3. Your superfans can lead your strategy
Your biggest fans are the key to your success. That seems obvious, but many brands try to appeal to a broad audience and forget about the true fans.
According to Marita Forss, General Manager of Marketing and Communications at Cricket Australia, the challenge is to activate the superfans while bringing the casual fan along for the journey – and hopefully turning them into a Superfan themselves.
That could mean experimenting with different messaging to see what activates the superfans, and what works for the more casual fan.
Superfans can also turn into micro-influencers. By activating your biggest fans, you can turn them into content creators for your brand – spreading your message among their networks, with more effectiveness than a paid campaign.

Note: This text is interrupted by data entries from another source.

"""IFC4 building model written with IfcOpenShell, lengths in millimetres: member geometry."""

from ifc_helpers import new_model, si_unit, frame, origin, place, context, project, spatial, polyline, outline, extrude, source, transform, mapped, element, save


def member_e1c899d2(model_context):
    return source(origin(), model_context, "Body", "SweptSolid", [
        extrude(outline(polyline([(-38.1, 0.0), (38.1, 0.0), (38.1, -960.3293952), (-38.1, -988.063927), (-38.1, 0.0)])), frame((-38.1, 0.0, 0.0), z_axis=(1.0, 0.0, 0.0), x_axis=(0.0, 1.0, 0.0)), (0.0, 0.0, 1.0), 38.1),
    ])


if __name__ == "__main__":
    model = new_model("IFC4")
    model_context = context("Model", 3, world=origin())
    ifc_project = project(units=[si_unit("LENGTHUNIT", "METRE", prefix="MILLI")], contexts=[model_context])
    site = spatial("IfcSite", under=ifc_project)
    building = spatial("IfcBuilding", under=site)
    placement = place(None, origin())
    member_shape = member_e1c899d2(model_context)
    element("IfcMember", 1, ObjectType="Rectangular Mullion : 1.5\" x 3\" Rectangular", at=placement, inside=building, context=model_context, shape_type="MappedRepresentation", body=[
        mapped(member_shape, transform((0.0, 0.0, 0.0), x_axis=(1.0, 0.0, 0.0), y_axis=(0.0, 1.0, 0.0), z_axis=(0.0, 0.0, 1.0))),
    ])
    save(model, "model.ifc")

4. Omnichannel is the only way to go
It might seem obvious, but you really do have to be everywhere these days.
Being multi-platform means diversifying, and diversifying means de-risking. Ezekiel Ritchie, ANZ Country Manager at Jellysmack, said that data should lead every platform effort, and that nothing is subjective.
The creator economy has reached $133 billion, and creators are set to be an increasingly important part of the brand mix. An important part of an omnichannel strategy in the future will be to engage these creators, and find ways to engage your brand’s audience with them.
But at the end of the day, the most important thing is to ensure your social media marketing mix is bringing value and meaning. That means maximising your investment by creating content people want to share, and bringing purpose to both your superfans and more casual fans.